@cite{yoon-etal-2020} on mathlib PMF (Phase 2 stress test, S1 submodel)

@cite{yoon-etal-2020}

Fifth stress test for the Phase-2 architecture. Yoon's politeness model contributes one new ingredient: a graded literal meaning (real-valued in [0, 1], not Boolean), driving the L0 layer through RSA.L0OfMeaning rather than RSA.L0OfBoolMeaning. This is the first PMF migration to exercise the ℝ≥0∞-valued meaning operator.

The S1 utility has a different shape from the previous four pilots:

U_S1(u, s; φ) = φ · log L0(u, s) + (1−φ) · E_L0[V|u] − cost(u)

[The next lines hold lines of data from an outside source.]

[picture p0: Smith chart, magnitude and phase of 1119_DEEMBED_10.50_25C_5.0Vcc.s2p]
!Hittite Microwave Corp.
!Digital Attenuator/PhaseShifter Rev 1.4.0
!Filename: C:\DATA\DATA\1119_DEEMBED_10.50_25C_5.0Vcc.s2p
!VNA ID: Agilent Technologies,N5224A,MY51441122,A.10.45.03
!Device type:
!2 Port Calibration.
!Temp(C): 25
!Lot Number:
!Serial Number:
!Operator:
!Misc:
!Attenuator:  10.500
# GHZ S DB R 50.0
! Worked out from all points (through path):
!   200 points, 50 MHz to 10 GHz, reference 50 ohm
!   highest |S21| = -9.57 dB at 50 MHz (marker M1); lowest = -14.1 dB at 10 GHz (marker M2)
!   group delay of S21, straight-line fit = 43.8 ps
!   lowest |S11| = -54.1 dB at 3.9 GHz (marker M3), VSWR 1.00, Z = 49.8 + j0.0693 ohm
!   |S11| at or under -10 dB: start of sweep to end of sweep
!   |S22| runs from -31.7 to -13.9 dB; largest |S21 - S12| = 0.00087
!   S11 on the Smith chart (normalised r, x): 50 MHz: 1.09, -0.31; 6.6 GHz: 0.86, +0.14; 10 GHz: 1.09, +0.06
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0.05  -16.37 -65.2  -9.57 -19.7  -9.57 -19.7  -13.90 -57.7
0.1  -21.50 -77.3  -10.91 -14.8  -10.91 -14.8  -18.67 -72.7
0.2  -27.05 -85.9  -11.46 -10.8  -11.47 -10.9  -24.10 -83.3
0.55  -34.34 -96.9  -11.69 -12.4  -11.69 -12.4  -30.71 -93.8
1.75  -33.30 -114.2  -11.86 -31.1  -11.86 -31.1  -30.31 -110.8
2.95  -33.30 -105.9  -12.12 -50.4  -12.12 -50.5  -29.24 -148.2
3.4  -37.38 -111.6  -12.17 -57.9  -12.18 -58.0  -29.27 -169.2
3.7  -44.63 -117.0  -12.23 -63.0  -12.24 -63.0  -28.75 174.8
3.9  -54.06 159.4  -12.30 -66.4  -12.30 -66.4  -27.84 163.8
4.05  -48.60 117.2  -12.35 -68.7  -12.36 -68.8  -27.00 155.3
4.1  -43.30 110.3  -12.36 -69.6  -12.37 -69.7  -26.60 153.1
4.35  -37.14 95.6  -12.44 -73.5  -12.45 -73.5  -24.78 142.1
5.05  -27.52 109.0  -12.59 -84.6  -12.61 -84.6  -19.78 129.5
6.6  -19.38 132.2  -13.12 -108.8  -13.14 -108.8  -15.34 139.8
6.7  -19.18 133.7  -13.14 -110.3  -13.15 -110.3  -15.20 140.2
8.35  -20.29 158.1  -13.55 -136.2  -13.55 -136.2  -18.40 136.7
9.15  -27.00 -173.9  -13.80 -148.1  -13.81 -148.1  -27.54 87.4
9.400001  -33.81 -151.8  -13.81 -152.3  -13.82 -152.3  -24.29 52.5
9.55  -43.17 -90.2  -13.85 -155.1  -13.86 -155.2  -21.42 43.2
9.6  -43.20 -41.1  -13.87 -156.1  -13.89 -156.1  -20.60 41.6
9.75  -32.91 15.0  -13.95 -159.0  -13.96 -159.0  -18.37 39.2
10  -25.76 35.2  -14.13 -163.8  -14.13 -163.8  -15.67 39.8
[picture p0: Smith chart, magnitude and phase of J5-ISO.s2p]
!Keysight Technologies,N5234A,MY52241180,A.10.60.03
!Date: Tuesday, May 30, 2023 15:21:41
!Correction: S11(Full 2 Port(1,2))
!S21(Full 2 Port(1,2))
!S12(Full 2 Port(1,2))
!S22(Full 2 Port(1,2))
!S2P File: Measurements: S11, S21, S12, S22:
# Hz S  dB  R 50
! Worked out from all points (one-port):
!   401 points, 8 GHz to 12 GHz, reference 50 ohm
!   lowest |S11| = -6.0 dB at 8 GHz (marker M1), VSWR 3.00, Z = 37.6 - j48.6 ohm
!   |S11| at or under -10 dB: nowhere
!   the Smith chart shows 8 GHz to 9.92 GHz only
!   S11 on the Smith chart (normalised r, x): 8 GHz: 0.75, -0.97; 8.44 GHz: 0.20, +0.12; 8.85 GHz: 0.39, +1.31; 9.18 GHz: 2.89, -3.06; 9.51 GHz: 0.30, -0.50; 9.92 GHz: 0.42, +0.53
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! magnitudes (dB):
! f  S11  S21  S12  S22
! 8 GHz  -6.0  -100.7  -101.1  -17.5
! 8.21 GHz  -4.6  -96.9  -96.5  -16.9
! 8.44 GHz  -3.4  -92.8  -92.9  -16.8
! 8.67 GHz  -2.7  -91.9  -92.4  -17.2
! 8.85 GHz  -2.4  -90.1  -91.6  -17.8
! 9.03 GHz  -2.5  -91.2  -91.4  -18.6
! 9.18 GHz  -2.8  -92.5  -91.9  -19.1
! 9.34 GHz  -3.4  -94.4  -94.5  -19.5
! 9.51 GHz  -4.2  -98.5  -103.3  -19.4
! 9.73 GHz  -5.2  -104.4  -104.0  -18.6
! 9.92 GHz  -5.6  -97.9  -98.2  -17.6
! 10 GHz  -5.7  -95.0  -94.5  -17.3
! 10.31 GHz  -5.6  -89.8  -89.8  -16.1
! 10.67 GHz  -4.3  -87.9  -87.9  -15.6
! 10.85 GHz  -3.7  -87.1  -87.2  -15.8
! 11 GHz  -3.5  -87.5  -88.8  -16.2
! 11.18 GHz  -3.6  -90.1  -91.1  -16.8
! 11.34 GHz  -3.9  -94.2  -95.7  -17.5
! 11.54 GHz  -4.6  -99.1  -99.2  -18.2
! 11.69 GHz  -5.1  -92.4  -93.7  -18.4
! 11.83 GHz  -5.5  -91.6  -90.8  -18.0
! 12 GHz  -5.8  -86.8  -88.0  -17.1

This decomposition (informativity weight · log + social weight · expected value − cost) does not fit RSA.softmaxBelief (no expected-log over a belief; the log is at the true world) and does not fit Kao's rpow (it's exp ∘ linear, not power). It is the fifth distinct S1 shape across five PMF migrations:

Paper	S1 shape	Operator
FG2012	uniform on extension (no rpow)	L0OfBool
Kao2014	(qudProj L0)^α	rpow only
GS2013	exp(α · Σ_s belief · log L0)	softmaxBel.
ScontrasPearl21	(qudProj L0)^α	rpow only
YoonEtAl2020	exp(α · (φ·log + (1-φ)·E[V] - c))	none — custom

This data point is the strongest argument against extracting Yoon's S1 as a sixth shared operator: every model has its own utility decomposition, and they do not factor cleanly through a common abstraction beyond PMF.normalize of an unnormalised score.

PMF stack

• worldPrior : PMF HeartState — uniform on the four heart states
• meaningE : Utterance → HeartState → ℝ≥0∞ — ENNReal.ofReal lift of utteranceSemantics
• L0 : Utterance → PMF HeartState — RSA.L0OfMeaning of meaningE
• s1Score : Phi → HeartState → Utterance → ℝ≥0∞ — Yoon's utility, lifted via ENNReal.ofReal (because the social term mixes log and linear, which only make sense on ℝ)
• S1g : Phi → HeartState → PMF Utterance — PMF.normalize of s1Score
• marginalSpeaker : HeartState → PMF Utterance — PMF.bind over a phiPrior : PMF Phi
• L1 : Utterance → PMF HeartState — PMF.posterior of marginal speaker

Coverage discharge

The .terrible utterance has positive meaning at every state under negation (1 - p w is positive whenever p w < 1, and terrible's meaning is 0 at .h2 → notTerrible .h2 = 1). Combined with Real.exp being strictly positive, this gives every L0 sum non-zero and every S1g support non-empty.

Scope

S1 submodel only (§2 of the original file). The S2 full model (§3) adds a third utility term (ω_pres · log L1(φ̂|u)) and recomputes via combinedUtility — its own migration target. The 8 S1 inference theorems (terrible_map_h0_vs_h3, bad_map_h1_vs_h0, etc.) become L1 inequalities left as sorry pending the PMF-shaped rsa_predict tactic.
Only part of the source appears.